These are perfect for any occasion whether it be Christmas, thanksgiving, the gym, out and about, chilling at home…the list could go on – basically you just need to make them!
Makes 25 balls
- 4 tbsp pumpkin puree
- 150g walnuts
- 150g pitted dates
- 1 tsp ground cinnamon
- 1 tsp ground allspice
- 7 tbsp almond flour
- In a food processor, add the dates and blitz until a ball forms. Remove and set aside.
- Place the walnuts, cinnamon and allspice in the blender and blitz into a coarse powder.

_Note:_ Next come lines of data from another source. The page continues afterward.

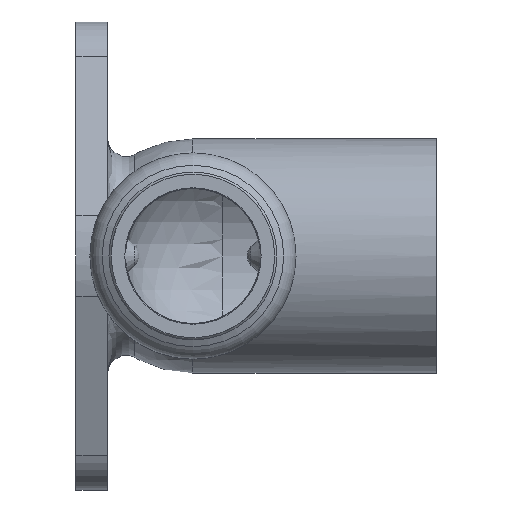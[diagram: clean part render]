
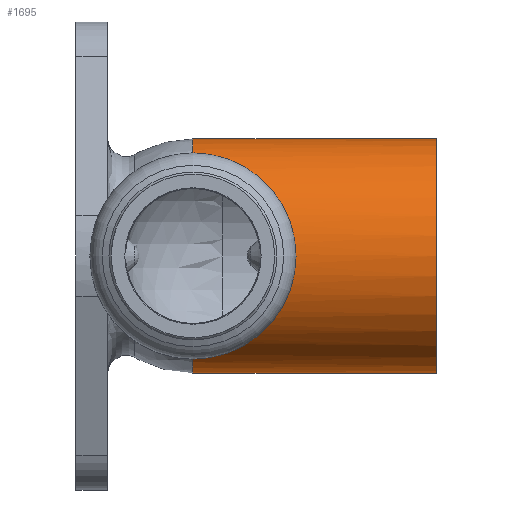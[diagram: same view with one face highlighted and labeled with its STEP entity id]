
A CAD part, left-side view. The second image highlights one B-rep face of the part: STEP entity #1695.
In plain terms, the highlighted cylindrical face has radius 13 mm (diameter 26 mm), a full revolution.
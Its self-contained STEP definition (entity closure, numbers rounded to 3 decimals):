
#727=CARTESIAN_POINT('',(-8.571,0.,9.774));
#728=VERTEX_POINT('',#727);
#771=CARTESIAN_POINT('',(-8.571,0.,-9.774));
#772=VERTEX_POINT('',#771);
#780=CARTESIAN_POINT('',(-8.571,0.,-9.774));
#781=CARTESIAN_POINT('',(-8.571,-0.391,-9.774));
#782=CARTESIAN_POINT('',(-8.623,-1.177,-9.729));
#783=CARTESIAN_POINT('',(-8.846,-2.324,-9.529));
#784=CARTESIAN_POINT('',(-9.176,-3.4,-9.214));
#785=CARTESIAN_POINT('',(-9.585,-4.42,-8.79));
#786=CARTESIAN_POINT('',(-10.039,-5.365,-8.271));
#787=CARTESIAN_POINT('',(-10.511,-6.237,-7.664));
#788=CARTESIAN_POINT('',(-10.99,-7.045,-6.964));
#789=CARTESIAN_POINT('',(-11.503,-7.857,-6.089));
#790=CARTESIAN_POINT('',(-12.017,-8.622,-5.021));
#791=CARTESIAN_POINT('',(-12.489,-9.297,-3.702));
#792=CARTESIAN_POINT('',(-12.828,-9.766,-2.276));
#793=CARTESIAN_POINT('',(-13.008,-10.011,-0.766));
#794=CARTESIAN_POINT('',(-13.007,-10.01,0.773));
#795=CARTESIAN_POINT('',(-12.858,-9.806,2.029));
#796=CARTESIAN_POINT('',(-12.657,-9.528,2.998));
#797=CARTESIAN_POINT('',(-12.408,-9.181,3.928));
#798=CARTESIAN_POINT('',(-12.017,-8.623,5.02));
#799=CARTESIAN_POINT('',(-11.543,-7.917,6.005));
#800=CARTESIAN_POINT('',(-11.138,-7.281,6.712));
#801=CARTESIAN_POINT('',(-10.517,-6.264,7.693));
#802=CARTESIAN_POINT('',(-9.806,-4.97,8.562));
#803=CARTESIAN_POINT('',(-9.175,-3.397,9.214));
#804=CARTESIAN_POINT('',(-8.844,-2.315,9.531));
#805=CARTESIAN_POINT('',(-8.623,-1.178,9.729));
#806=CARTESIAN_POINT('',(-8.571,-0.391,9.774));
#807=CARTESIAN_POINT('',(-8.571,0.,9.774));
#808=B_SPLINE_CURVE_WITH_KNOTS('',3,(#780,#781,#782,#783,#784,#785,#786,#787,#788,#789,#790,#791,#792,#793,#794,#795,#796,#797,#798,#799,#800,#801,#802,#803,#804,#805,#806,#807),.UNSPECIFIED.,.F.,.U.,(4,1,1,1,1,1,1,1,1,1,1,1,1,1,1,1,1,1,1,1,1,1,1,1,1,4),(0.0,0.117,0.234,0.352,0.469,0.586,0.703,0.82,0.938,1.094,1.25,1.406,1.563,1.719,1.875,1.953,2.031,2.188,2.344,2.422,2.5,2.813,2.93,3.047,3.164,3.281),.UNSPECIFIED.);
#809=EDGE_CURVE('',#772,#728,#808,.T.);
#1643=CARTESIAN_POINT('',(0.,0.,13.));
#1644=VERTEX_POINT('',#1643);
#1645=CARTESIAN_POINT('',(0.,0.,0.0));
#1646=DIRECTION('',(0.0,-1.0,0.0));
#1647=DIRECTION('',(1.0,0.0,0.0));
#1648=AXIS2_PLACEMENT_3D('',#1645,#1646,#1647);
#1649=CIRCLE('',#1648,13.);
#1650=EDGE_CURVE('',#1644,#728,#1649,.T.);
#1652=CARTESIAN_POINT('',(0.,0.,-13.));
#1653=VERTEX_POINT('',#1652);
#1654=CARTESIAN_POINT('',(0.,0.,0.0));
#1655=DIRECTION('',(0.0,-1.0,0.0));
#1656=DIRECTION('',(1.0,0.0,0.0));
#1657=AXIS2_PLACEMENT_3D('',#1654,#1655,#1656);
#1658=CIRCLE('',#1657,13.);
#1659=EDGE_CURVE('',#1653,#1644,#1658,.T.);
#1661=CARTESIAN_POINT('',(0.,0.,0.0));
#1662=DIRECTION('',(0.0,-1.0,0.0));
#1663=DIRECTION('',(1.0,0.0,0.0));
#1664=AXIS2_PLACEMENT_3D('',#1661,#1662,#1663);
#1665=CIRCLE('',#1664,13.);
#1666=EDGE_CURVE('',#772,#1653,#1665,.T.);
#1673=CARTESIAN_POINT('',(0.,-13.5,0.0));
#1674=DIRECTION('',(0.,-1.0,0.0));
#1675=DIRECTION('',(1.0,0.0,0.0));
#1676=AXIS2_PLACEMENT_3D('',#1673,#1674,#1675);
#1677=CYLINDRICAL_SURFACE('',#1676,13.);
#1678=CARTESIAN_POINT('',(13.,-27.0,0.0));
#1679=VERTEX_POINT('',#1678);
#1680=CARTESIAN_POINT('',(0.,-27.,0.0));
#1681=DIRECTION('',(0.0,-1.0,0.0));
#1682=DIRECTION('',(1.0,0.0,0.0));
#1683=AXIS2_PLACEMENT_3D('',#1680,#1681,#1682);
#1684=CIRCLE('',#1683,13.);
#1685=EDGE_CURVE('',#1679,#1679,#1684,.T.);
#1686=ORIENTED_EDGE('',*,*,#1685,.F.);
#1687=EDGE_LOOP('',(#1686));
#1688=FACE_OUTER_BOUND('',#1687,.T.);
#1689=ORIENTED_EDGE('',*,*,#809,.F.);
#1690=ORIENTED_EDGE('',*,*,#1666,.T.);
#1691=ORIENTED_EDGE('',*,*,#1659,.T.);
#1692=ORIENTED_EDGE('',*,*,#1650,.T.);
#1693=EDGE_LOOP('',(#1689,#1690,#1691,#1692));
#1694=FACE_BOUND('',#1693,.T.);
#1695=ADVANCED_FACE('',(#1688,#1694),#1677,.T.);
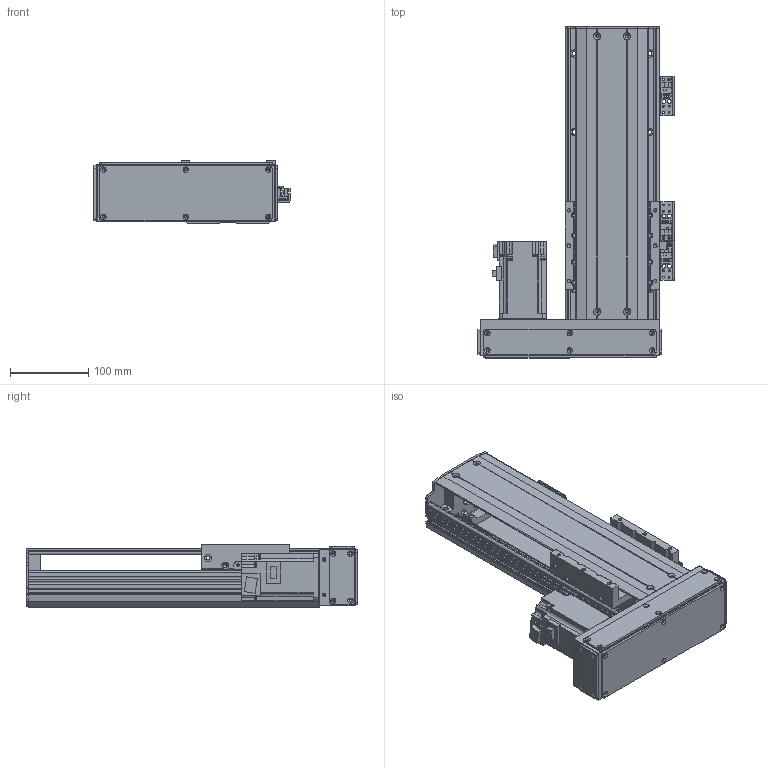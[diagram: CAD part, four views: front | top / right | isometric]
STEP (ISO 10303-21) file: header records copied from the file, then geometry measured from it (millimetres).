
FILE_DESCRIPTION(/* description */ ('MANUFACTURE'),/* implementation_level */ '2;1');
FILE_NAME(/* name */ '\\192.168.0.160\disk1\HAN SHIN Master\B-설계부문\C-표준\B-2024년\BC02-표준도면\+로봇 개선표준도면\홈페이지 표준 도면\홈페이지 최종 작업 폴더\3D\HR\HR120\HR120병렬\좌병렬\HR120-L40-N-0200-R10.stp',/* time_stamp */ '2025-01-20T17:36:38+09:00',/* author */ ('user'),/* organization */ (''),/* preprocessor_version */ 'ST-DEVELOPER v18.1',/* originating_system */ 'Autodesk Inventor 2022',/* authorisation */ 'LIP');
FILE_SCHEMA (('CONFIG_CONTROL_DESIGN'));
Products named in the file (19): HG120-L40-N-0500-R10; HR120 S BASE; HR(HG) 120,130 FRONT BLOCK; HR(HG) 120,130 FRONT BLOCK_1; HR120 FRONT COVER; HG5UPCOV003; HR120 SENSOR DOG; HG120 TABLE-N; HR120 STOPPER; HR120 LR MOTOR PLATE (400W)-사출; MOTOR PLATE - 200W; hg-kr43_; 화살표; HR120 LR BELT COVER; HR160 ACRYL COVER - 1; HR160 ACRYL COVER - 1_1; HR160 ACRYL COVER - 1_2; SENSOR BRK(EE-SX674A); EE_SX674A
Assembly tree (24 placements, depth 2):
  HG120-L40-N-0500-R10
    HR120 S BASE
    HR(HG) 120,130 FRONT BLOCK
    HR(HG) 120,130 FRONT BLOCK_1
    HR120 FRONT COVER
    SENSOR BRK(EE-SX674A)  x3
    HG5UPCOV003
    HR120 SENSOR DOG
    HG120 TABLE-N
    EE_SX674A  x3
    HR120 STOPPER
    HR120 LR MOTOR PLATE (400W)-사출
    MOTOR PLATE - 200W
    hg-kr43_
    화살표  x2
    HR120 LR BELT COVER
    HR160 ACRYL COVER - 1
    HR160 ACRYL COVER - 1_1
    HR160 ACRYL COVER - 1_2  x2
Bounding box: 250 x 423 x 80 mm (x, y, z)
Volume: 1680489.1 mm3; surface area: 664059.2 mm2
Topology: 24 solids, 24 shells, 2961 faces, 8374 edges, 5535 vertices
Faces by surface type: plane 2177, cylinder 660, cone 124
Full cylindrical faces by diameter (mm): 2.459 x50, 3 x4, 3.242 x38, 3.4 x20, 3.5 x6, 4.134 x34, 4.5 x56, 4.917 x6, 5 x26, 5.5 x23, 5.8 x4, 5.9 x8, 6 x4, 6.6 x2, 7 x4, 7.5 x16, 8 x4, 9 x6, 9.5 x11, 14 x1, 17 x1, 20 x1, 22 x1, 24 x1, 28 x1, 32 x2, 33.7 x1, 50 x2
Entity records: 92068 total; most frequent: CARTESIAN_POINT 17496, ORIENTED_EDGE 15536, DIRECTION 14503, EDGE_CURVE 7768, LINE 6327, VECTOR 6327, VERTEX_POINT 5187, AXIS2_PLACEMENT_3D 4088

- In a large bowl, combine the pumpkin, dates and walnut powder and work ingredients together using hands.
- Slowly add the almond flour, a tablespoon at a time whilst forming into a smooth dough. It should get drier with the addition of the almond flour.
- Shape into roughly 25 balls and refrigerate.
You can also coat in coconut shreds or an icing sugar glaze if your cake craving is hardcore!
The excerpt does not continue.